» PROBLEM STATEMENT:
The expected output is every line of the data exactly as shown, minus the images.

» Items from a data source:
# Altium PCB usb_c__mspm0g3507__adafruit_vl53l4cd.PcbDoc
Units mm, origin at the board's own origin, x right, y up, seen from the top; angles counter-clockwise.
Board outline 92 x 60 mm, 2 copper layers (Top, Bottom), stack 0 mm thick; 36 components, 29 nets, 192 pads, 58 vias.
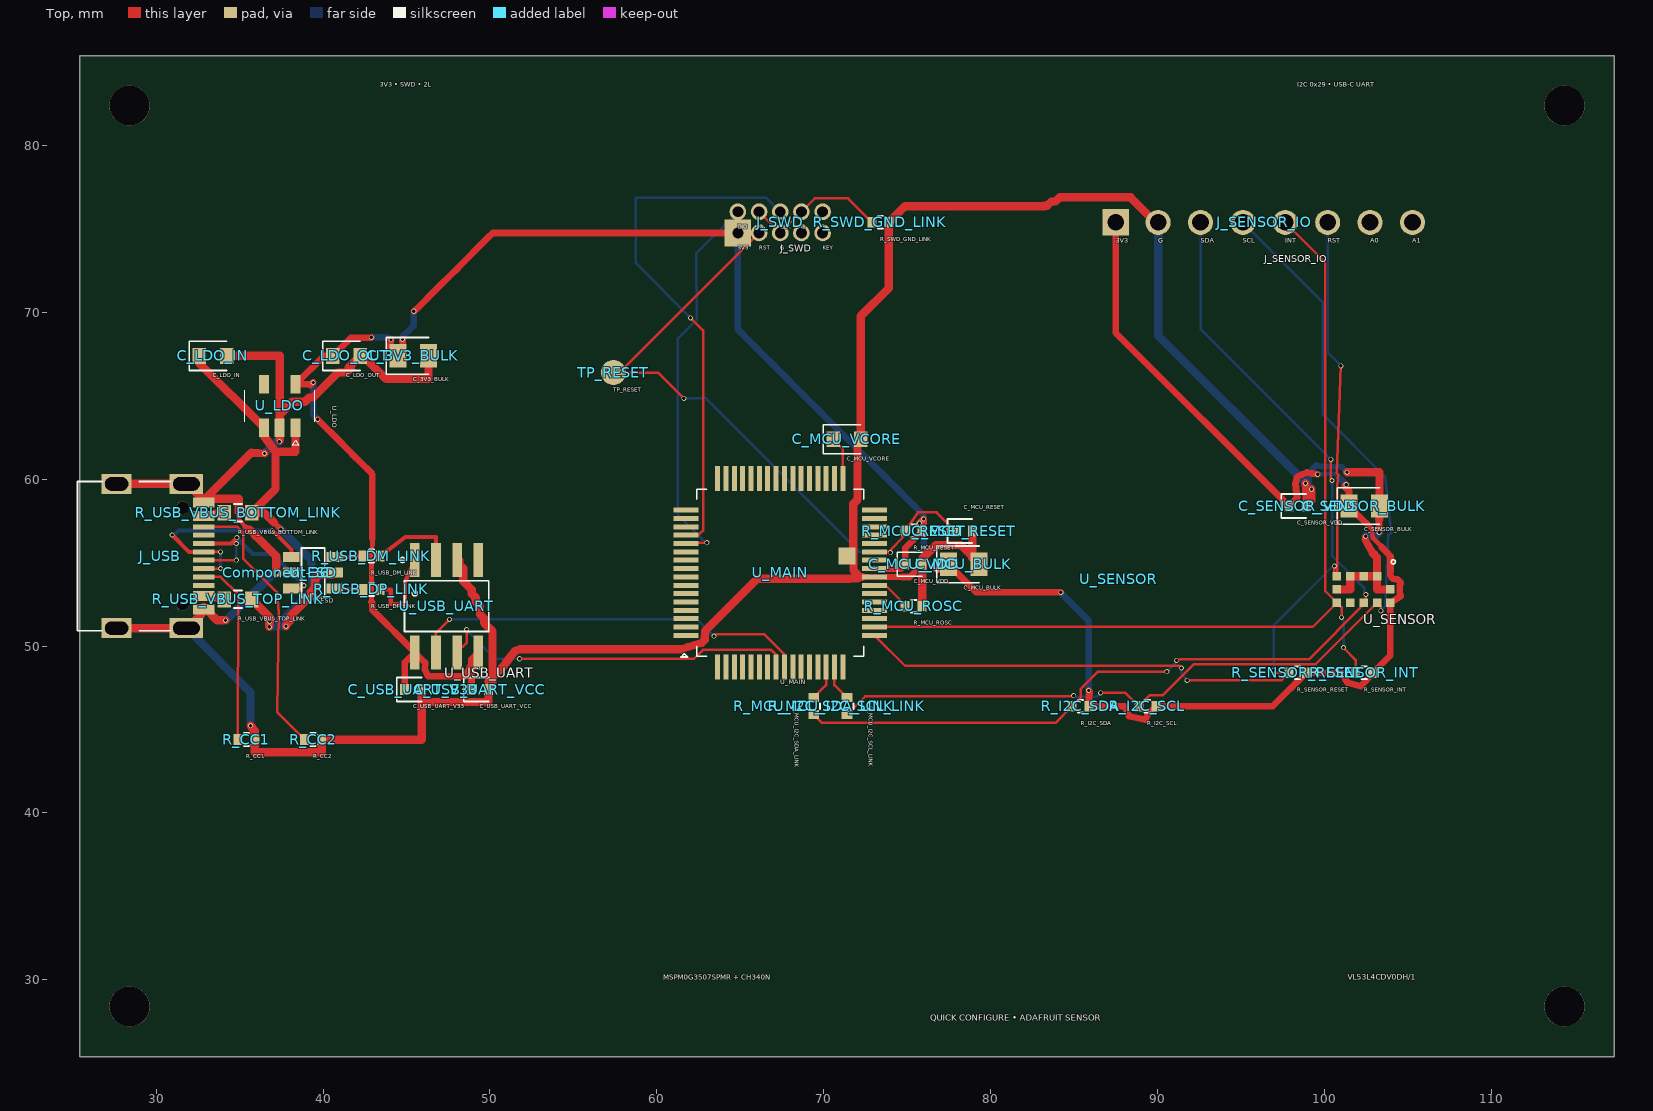
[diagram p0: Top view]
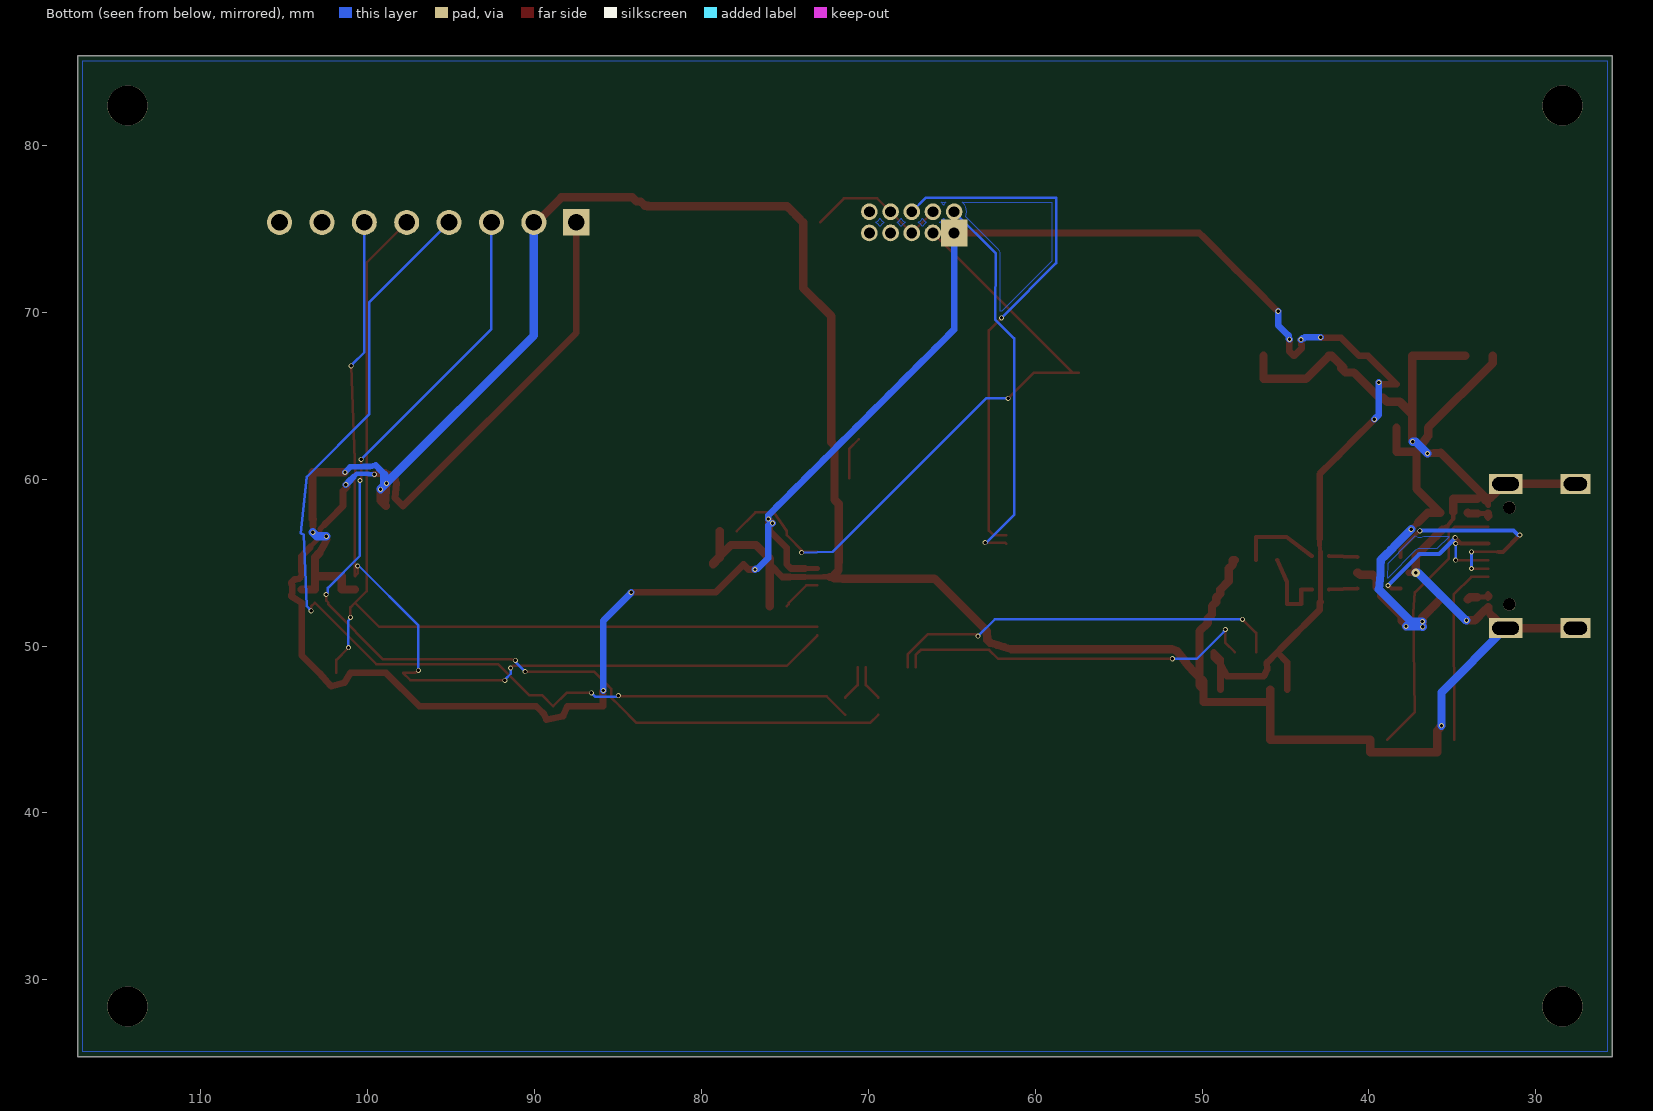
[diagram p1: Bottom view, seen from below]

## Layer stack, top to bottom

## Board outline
25.4,85.4 117.4,85.4 117.4,25.4 25.4,25.4

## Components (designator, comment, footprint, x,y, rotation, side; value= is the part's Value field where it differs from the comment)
C_3V3_BULK "" TSCIRCUIT-2.8500x1.4000mm 45.4,67.4 r0 top
C_LDO_IN "" TSCIRCUIT-2.4500x0.9500mm 33.4,67.4 r0 top
C_LDO_OUT "" TSCIRCUIT-2.4500x0.9500mm 41.4,67.4 r0 top
C_MCU_BULK "" TSCIRCUIT-2.8500x1.4000mm 78.4,54.9 r0 top
C_MCU_RESET "" TSCIRCUIT-1.5600x0.6400mm 78.4,56.9 r0 top
C_MCU_VCORE "" TSCIRCUIT-2.4500x0.9500mm 71.4,62.4 r0 top
C_MCU_VDD "" TSCIRCUIT-1.5600x0.6400mm 75.4,54.9 r0 top
C_SENSOR_BULK "" TSCIRCUIT-2.8500x1.4000mm 102.4,58.4 r0 top
C_SENSOR_VDD "" TSCIRCUIT-1.5600x0.6400mm 98.4,58.4 r0 top
C_USB_UART_V33 "" TSCIRCUIT-1.5600x0.6400mm 45.4,47.4 r0 top
C_USB_UART_VCC "" TSCIRCUIT-1.5600x0.6400mm 49.4,47.4 r0 top
Component-36 "" TSCIRCUIT-0.5000x0.5000mm 37.2,54.4 r0 top
J_SENSOR_IO "" TSCIRCUIT-19.2800x1.5000mm 96.4,75.4 r0 top
J_SWD "" TSCIRCUIT-6.0800x2.2700mm 67.4,75.4 r0 top
J_USB "" TSCIRCUIT-6.7732x9.8502mm 30.113,55.4 r90 top
R_CC1 "" TSCIRCUIT-1.5600x0.6400mm 35.4,44.4 r0 top
R_CC2 "" TSCIRCUIT-1.5600x0.6400mm 39.4,44.4 r0 top
R_I2C_SCL "" TSCIRCUIT-1.5600x0.6400mm 89.4,46.4 r0 top
R_I2C_SDA "" TSCIRCUIT-1.5600x0.6400mm 85.4,46.4 r0 top
R_MCU_I2C_SCL_LINK "" TSCIRCUIT-0.6400x1.5600mm 71.4,46.4 r270 top
R_MCU_I2C_SDA_LINK "" TSCIRCUIT-0.6400x1.5600mm 69.4,46.4 r270 top
R_MCU_RESET "" TSCIRCUIT-1.5600x0.6400mm 75.4,56.9 r0 top
R_MCU_ROSC "" TSCIRCUIT-1.5600x0.6400mm 75.4,52.4 r0 top
R_SENSOR_INT "" TSCIRCUIT-1.5600x0.6400mm 102.4,48.4 r0 top
R_SENSOR_RESET "" TSCIRCUIT-1.5600x0.6400mm 98.4,48.4 r0 top
R_SWD_GND_LINK "" TSCIRCUIT-1.5600x0.6400mm 73.4,75.4 r0 top
R_USB_DM_LINK "" TSCIRCUIT-1.5600x0.6400mm 42.9,55.4 r0 top
R_USB_DP_LINK "" TSCIRCUIT-1.5600x0.6400mm 42.9,53.4 r0 top
R_USB_VBUS_BOTTOM_LINK "" TSCIRCUIT-2.4500x0.9500mm 34.9,58 r0 top
R_USB_VBUS_TOP_LINK "" TSCIRCUIT-2.4500x0.9500mm 34.9,52.8 r0 top
TP_RESET "" TSCIRCUIT-1.5000x1.5000mm 57.4,66.4 r0 top
U_ESD "" TSCIRCUIT-3.6000x2.5000mm 39.4,54.4 r0 top
U_LDO "" TSCIRCUIT-2.5000x3.7000mm 37.4,64.4 r270 top
U_MAIN "" TSCIRCUIT-12.8000x12.8000mm 67.4,54.4 r0 top
U_SENSOR "" TSCIRCUIT-3.7081x2.1079mm 102.368,53.4 r0 top
U_USB_UART "" TSCIRCUIT-4.3840x7.5712mm 47.4,52.4 r0 top

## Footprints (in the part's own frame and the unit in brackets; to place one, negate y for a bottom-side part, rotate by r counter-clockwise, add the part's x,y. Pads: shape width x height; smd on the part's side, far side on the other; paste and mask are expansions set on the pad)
TSCIRCUIT-0.5000x0.5000mm [mm]
TSCIRCUIT-0.6400x1.5600mm [mm]
  rect 0.54x0.64 smd: 1(-0.51,0) 2(0.51,0)
  silkscreen extent -0.15,-0.38 0.15,0.38
TSCIRCUIT-1.5000x1.5000mm [mm]
  round 1.5 smd: 1(0,0)
TSCIRCUIT-1.5600x0.6400mm [mm]
  rect 0.54x0.64 smd: 1(-0.51,0) 2(0.51,0)
  silkscreen extent -0.98,-0.72 0.51,0.72
TSCIRCUIT-2.4500x0.9500mm [mm]
  rect 0.8x0.95 smd: 1(-0.825,0) 2(0.825,0)
  silkscreen extent -1.42,-0.87 0.82,0.87
TSCIRCUIT-2.5000x3.7000mm [mm]
  rect 1.1x0.6 smd: 1(1.3,0.95) 2(1.3,0) 3(1.3,-0.95) 4(-1.3,-0.95) 5(-1.3,0.95)
  silkscreen extent -0.95,-2.1 2.35,2.1
TSCIRCUIT-2.8500x1.4000mm [mm]
  rect 1.025x1.4 smd: 1(-0.913,0) 2(0.913,0)
  silkscreen extent -1.63,-1.1 0.91,1.1
TSCIRCUIT-3.6000x2.5000mm [mm]
  rect 1x0.6 smd: 1(-1.3,-0.95) 2(-1.3,0) 3(-1.3,0.95) 4(1.3,0.95) 5(1.3,0) 6(1.3,-0.95)
  silkscreen extent -0.7,-1.49 0.7,1.49
TSCIRCUIT-3.7081x2.1079mm [mil]
  rect 39.37x39.37 smd: 1(-1219.22,78.75)
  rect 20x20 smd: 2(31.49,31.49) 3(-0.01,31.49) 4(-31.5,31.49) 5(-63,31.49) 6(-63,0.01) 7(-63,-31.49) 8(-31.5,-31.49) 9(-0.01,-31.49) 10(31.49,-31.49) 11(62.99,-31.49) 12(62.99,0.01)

» OUTPUT FOR THIS EXERCISE:
# Altium PCB usb_c__mspm0g3507__adafruit_vl53l4cd.PcbDoc
Units mm, origin at the board's own origin, x right, y up, seen from the top; angles counter-clockwise.
Board outline 92 x 60 mm, 2 copper layers (Top, Bottom), stack 0 mm thick; 36 components, 29 nets, 192 pads, 58 vias.
[diagram p0: Top view]
[diagram p1: Bottom view, seen from below]

## Layer stack, top to bottom

## Board outline
25.4,85.4 117.4,85.4 117.4,25.4 25.4,25.4

## Components (designator, comment, footprint, x,y, rotation, side; value= is the part's Value field where it differs from the comment)
C_3V3_BULK "" TSCIRCUIT-2.8500x1.4000mm 45.4,67.4 r0 top
C_LDO_IN "" TSCIRCUIT-2.4500x0.9500mm 33.4,67.4 r0 top
C_LDO_OUT "" TSCIRCUIT-2.4500x0.9500mm 41.4,67.4 r0 top
C_MCU_BULK "" TSCIRCUIT-2.8500x1.4000mm 78.4,54.9 r0 top
C_MCU_RESET "" TSCIRCUIT-1.5600x0.6400mm 78.4,56.9 r0 top
C_MCU_VCORE "" TSCIRCUIT-2.4500x0.9500mm 71.4,62.4 r0 top
C_MCU_VDD "" TSCIRCUIT-1.5600x0.6400mm 75.4,54.9 r0 top
C_SENSOR_BULK "" TSCIRCUIT-2.8500x1.4000mm 102.4,58.4 r0 top
C_SENSOR_VDD "" TSCIRCUIT-1.5600x0.6400mm 98.4,58.4 r0 top
C_USB_UART_V33 "" TSCIRCUIT-1.5600x0.6400mm 45.4,47.4 r0 top
C_USB_UART_VCC "" TSCIRCUIT-1.5600x0.6400mm 49.4,47.4 r0 top
Component-36 "" TSCIRCUIT-0.5000x0.5000mm 37.2,54.4 r0 top
J_SENSOR_IO "" TSCIRCUIT-19.2800x1.5000mm 96.4,75.4 r0 top
J_SWD "" TSCIRCUIT-6.0800x2.2700mm 67.4,75.4 r0 top
J_USB "" TSCIRCUIT-6.7732x9.8502mm 30.113,55.4 r90 top
R_CC1 "" TSCIRCUIT-1.5600x0.6400mm 35.4,44.4 r0 top
R_CC2 "" TSCIRCUIT-1.5600x0.6400mm 39.4,44.4 r0 top
R_I2C_SCL "" TSCIRCUIT-1.5600x0.6400mm 89.4,46.4 r0 top
R_I2C_SDA "" TSCIRCUIT-1.5600x0.6400mm 85.4,46.4 r0 top
R_MCU_I2C_SCL_LINK "" TSCIRCUIT-0.6400x1.5600mm 71.4,46.4 r270 top
R_MCU_I2C_SDA_LINK "" TSCIRCUIT-0.6400x1.5600mm 69.4,46.4 r270 top
R_MCU_RESET "" TSCIRCUIT-1.5600x0.6400mm 75.4,56.9 r0 top
R_MCU_ROSC "" TSCIRCUIT-1.5600x0.6400mm 75.4,52.4 r0 top
R_SENSOR_INT "" TSCIRCUIT-1.5600x0.6400mm 102.4,48.4 r0 top
R_SENSOR_RESET "" TSCIRCUIT-1.5600x0.6400mm 98.4,48.4 r0 top
R_SWD_GND_LINK "" TSCIRCUIT-1.5600x0.6400mm 73.4,75.4 r0 top
R_USB_DM_LINK "" TSCIRCUIT-1.5600x0.6400mm 42.9,55.4 r0 top
R_USB_DP_LINK "" TSCIRCUIT-1.5600x0.6400mm 42.9,53.4 r0 top
R_USB_VBUS_BOTTOM_LINK "" TSCIRCUIT-2.4500x0.9500mm 34.9,58 r0 top
R_USB_VBUS_TOP_LINK "" TSCIRCUIT-2.4500x0.9500mm 34.9,52.8 r0 top
TP_RESET "" TSCIRCUIT-1.5000x1.5000mm 57.4,66.4 r0 top
U_ESD "" TSCIRCUIT-3.6000x2.5000mm 39.4,54.4 r0 top
U_LDO "" TSCIRCUIT-2.5000x3.7000mm 37.4,64.4 r270 top
U_MAIN "" TSCIRCUIT-12.8000x12.8000mm 67.4,54.4 r0 top
U_SENSOR "" TSCIRCUIT-3.7081x2.1079mm 102.368,53.4 r0 top
U_USB_UART "" TSCIRCUIT-4.3840x7.5712mm 47.4,52.4 r0 top

## Footprints (in the part's own frame and the unit in brackets; to place one, negate y for a bottom-side part, rotate by r counter-clockwise, add the part's x,y. Pads: shape width x height; smd on the part's side, far side on the other; paste and mask are expansions set on the pad)
TSCIRCUIT-0.5000x0.5000mm [mm]
TSCIRCUIT-0.6400x1.5600mm [mm]
  rect 0.54x0.64 smd: 1(-0.51,0) 2(0.51,0)
  silkscreen extent -0.15,-0.38 0.15,0.38
TSCIRCUIT-1.5000x1.5000mm [mm]
  round 1.5 smd: 1(0,0)
TSCIRCUIT-1.5600x0.6400mm [mm]
  rect 0.54x0.64 smd: 1(-0.51,0) 2(0.51,0)
  silkscreen extent -0.98,-0.72 0.51,0.72
TSCIRCUIT-2.4500x0.9500mm [mm]
  rect 0.8x0.95 smd: 1(-0.825,0) 2(0.825,0)
  silkscreen extent -1.42,-0.87 0.82,0.87
TSCIRCUIT-2.5000x3.7000mm [mm]
  rect 1.1x0.6 smd: 1(1.3,0.95) 2(1.3,0) 3(1.3,-0.95) 4(-1.3,-0.95) 5(-1.3,0.95)
  silkscreen extent -0.95,-2.1 2.35,2.1
TSCIRCUIT-2.8500x1.4000mm [mm]
  rect 1.025x1.4 smd: 1(-0.913,0) 2(0.913,0)
  silkscreen extent -1.63,-1.1 0.91,1.1
TSCIRCUIT-3.6000x2.5000mm [mm]
  rect 1x0.6 smd: 1(-1.3,-0.95) 2(-1.3,0) 3(-1.3,0.95) 4(1.3,0.95) 5(1.3,0) 6(1.3,-0.95)
  silkscreen extent -0.7,-1.49 0.7,1.49
TSCIRCUIT-3.7081x2.1079mm [mil]
  rect 39.37x39.37 smd: 1(-1219.22,78.75)
  rect 20x20 smd: 2(31.49,31.49) 3(-0.01,31.49) 4(-31.5,31.49) 5(-63,31.49) 6(-63,0.01) 7(-63,-31.49) 8(-31.5,-31.49) 9(-0.01,-31.49) 10(31.49,-31.49) 11(62.99,-31.49) 12(62.99,0.01)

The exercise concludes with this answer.